■ **Source material**
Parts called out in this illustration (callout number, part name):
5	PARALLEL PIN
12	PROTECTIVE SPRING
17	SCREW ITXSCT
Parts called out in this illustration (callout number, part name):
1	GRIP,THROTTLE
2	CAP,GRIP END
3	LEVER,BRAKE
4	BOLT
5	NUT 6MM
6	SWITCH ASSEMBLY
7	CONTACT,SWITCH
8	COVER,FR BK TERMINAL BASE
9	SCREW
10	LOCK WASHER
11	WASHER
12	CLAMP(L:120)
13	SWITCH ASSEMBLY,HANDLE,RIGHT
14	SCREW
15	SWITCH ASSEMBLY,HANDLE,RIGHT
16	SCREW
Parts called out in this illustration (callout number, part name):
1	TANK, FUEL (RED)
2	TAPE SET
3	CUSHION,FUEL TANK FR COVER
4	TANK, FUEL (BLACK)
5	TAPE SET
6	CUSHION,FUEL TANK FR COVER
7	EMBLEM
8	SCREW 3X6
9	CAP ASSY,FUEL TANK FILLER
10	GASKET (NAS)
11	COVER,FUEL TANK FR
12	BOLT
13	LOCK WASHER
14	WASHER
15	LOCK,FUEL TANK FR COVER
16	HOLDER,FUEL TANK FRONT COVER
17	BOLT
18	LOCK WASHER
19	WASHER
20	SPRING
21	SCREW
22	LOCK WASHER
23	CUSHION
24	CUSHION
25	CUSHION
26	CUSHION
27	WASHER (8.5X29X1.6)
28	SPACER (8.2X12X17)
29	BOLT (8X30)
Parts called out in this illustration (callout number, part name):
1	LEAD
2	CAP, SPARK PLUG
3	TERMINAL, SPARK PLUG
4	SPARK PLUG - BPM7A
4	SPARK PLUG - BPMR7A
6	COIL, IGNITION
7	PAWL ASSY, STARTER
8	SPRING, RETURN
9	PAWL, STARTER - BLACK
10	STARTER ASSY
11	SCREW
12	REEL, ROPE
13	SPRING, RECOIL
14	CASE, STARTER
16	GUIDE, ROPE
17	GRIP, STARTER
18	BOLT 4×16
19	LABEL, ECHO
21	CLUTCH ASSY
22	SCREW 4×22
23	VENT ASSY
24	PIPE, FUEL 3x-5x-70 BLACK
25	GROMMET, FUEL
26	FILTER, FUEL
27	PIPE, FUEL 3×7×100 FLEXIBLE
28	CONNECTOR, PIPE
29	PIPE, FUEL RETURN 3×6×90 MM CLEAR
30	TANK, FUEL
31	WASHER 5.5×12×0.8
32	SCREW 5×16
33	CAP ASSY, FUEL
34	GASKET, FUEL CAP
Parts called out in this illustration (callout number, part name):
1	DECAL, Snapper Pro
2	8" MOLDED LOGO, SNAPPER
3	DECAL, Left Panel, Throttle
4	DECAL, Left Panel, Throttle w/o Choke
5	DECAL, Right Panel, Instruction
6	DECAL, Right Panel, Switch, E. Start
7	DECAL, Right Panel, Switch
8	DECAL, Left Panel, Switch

■ **Problem to solve**
Repeat the material above in full, quoting it exactly.

■ **Problem solution**
Parts called out in this illustration (callout number, part name):
5	PARALLEL PIN
12	PROTECTIVE SPRING
17	SCREW ITXSCT
Parts called out in this illustration (callout number, part name):
1	GRIP,THROTTLE
2	CAP,GRIP END
3	LEVER,BRAKE
4	BOLT
5	NUT 6MM
6	SWITCH ASSEMBLY
7	CONTACT,SWITCH
8	COVER,FR BK TERMINAL BASE
9	SCREW
10	LOCK WASHER
11	WASHER
12	CLAMP(L:120)
13	SWITCH ASSEMBLY,HANDLE,RIGHT
14	SCREW
15	SWITCH ASSEMBLY,HANDLE,RIGHT
16	SCREW
Parts called out in this illustration (callout number, part name):
1	TANK, FUEL (RED)
2	TAPE SET
3	CUSHION,FUEL TANK FR COVER
4	TANK, FUEL (BLACK)
5	TAPE SET
6	CUSHION,FUEL TANK FR COVER
7	EMBLEM
8	SCREW 3X6
9	CAP ASSY,FUEL TANK FILLER
10	GASKET (NAS)
11	COVER,FUEL TANK FR
12	BOLT
13	LOCK WASHER
14	WASHER
15	LOCK,FUEL TANK FR COVER
16	HOLDER,FUEL TANK FRONT COVER
17	BOLT
18	LOCK WASHER
19	WASHER
20	SPRING
21	SCREW
22	LOCK WASHER
23	CUSHION
24	CUSHION
25	CUSHION
26	CUSHION
27	WASHER (8.5X29X1.6)
28	SPACER (8.2X12X17)
29	BOLT (8X30)
Parts called out in this illustration (callout number, part name):
1	LEAD
2	CAP, SPARK PLUG
3	TERMINAL, SPARK PLUG
4	SPARK PLUG - BPM7A
4	SPARK PLUG - BPMR7A
6	COIL, IGNITION
7	PAWL ASSY, STARTER
8	SPRING, RETURN
9	PAWL, STARTER - BLACK
10	STARTER ASSY
11	SCREW
12	REEL, ROPE
13	SPRING, RECOIL
14	CASE, STARTER
16	GUIDE, ROPE
17	GRIP, STARTER
18	BOLT 4×16
19	LABEL, ECHO
21	CLUTCH ASSY
22	SCREW 4×22
23	VENT ASSY
24	PIPE, FUEL 3x-5x-70 BLACK
25	GROMMET, FUEL
26	FILTER, FUEL
27	PIPE, FUEL 3×7×100 FLEXIBLE
28	CONNECTOR, PIPE
29	PIPE, FUEL RETURN 3×6×90 MM CLEAR
30	TANK, FUEL
31	WASHER 5.5×12×0.8
32	SCREW 5×16
33	CAP ASSY, FUEL
34	GASKET, FUEL CAP
Parts called out in this illustration (callout number, part name):
1	DECAL, Snapper Pro
2	8" MOLDED LOGO, SNAPPER
3	DECAL, Left Panel, Throttle
4	DECAL, Left Panel, Throttle w/o Choke
5	DECAL, Right Panel, Instruction
6	DECAL, Right Panel, Switch, E. Start
7	DECAL, Right Panel, Switch
8	DECAL, Left Panel, Switch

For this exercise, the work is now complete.